Task — Could you retype the whole listing word for word and drop the images?

◆ ◆ ◆ ◆

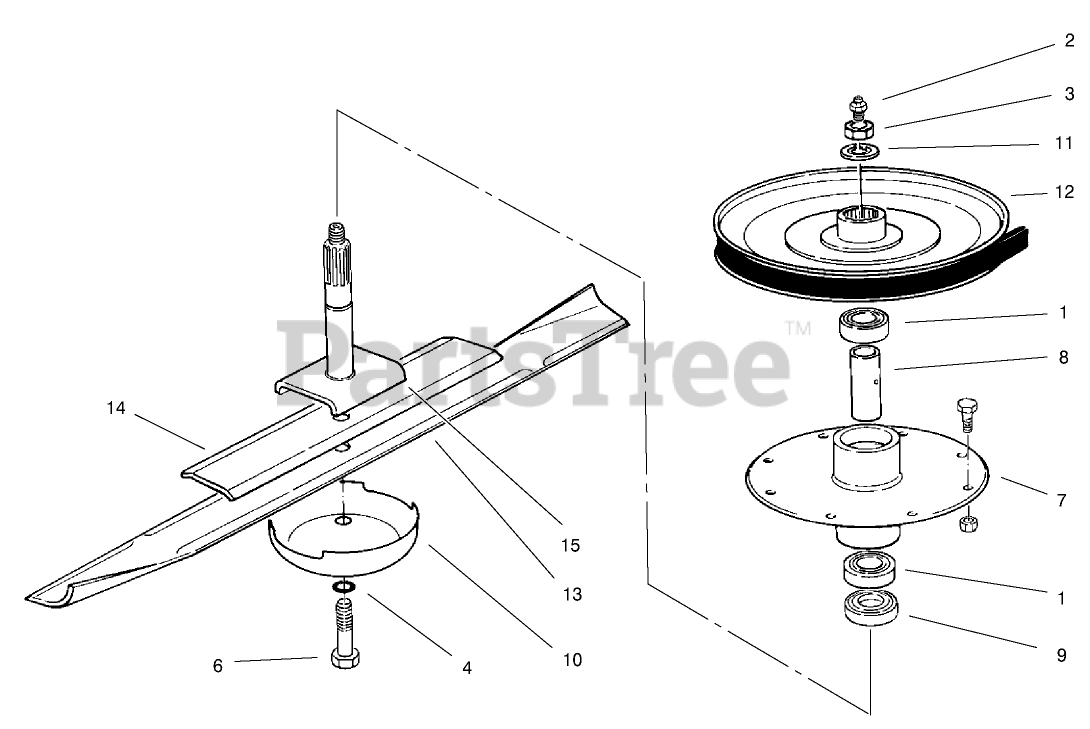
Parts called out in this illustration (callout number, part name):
1	BEARING-BALL
2	FITTING-GREASE
3	NUT-HEX
4	WASHER-LOCK/SP
6	SCREW-BLADE
7	HOUSING-SPINDLE
8	SPACER-BEARING
9	SPACER
10	Cup
11	WASHER
12	PULLEY ASM
13	BLADE-RECYCLER
14	Decal-Danger
15	SHAFT-SPINDLE

◆ ◆ ◆ ◆

Written response —
Parts called out in this illustration (callout number, part name):
1	BEARING-BALL
2	FITTING-GREASE
3	NUT-HEX
4	WASHER-LOCK/SP
6	SCREW-BLADE
7	HOUSING-SPINDLE
8	SPACER-BEARING
9	SPACER
10	Cup
11	WASHER
12	PULLEY ASM
13	BLADE-RECYCLER
14	Decal-Danger
15	SHAFT-SPINDLE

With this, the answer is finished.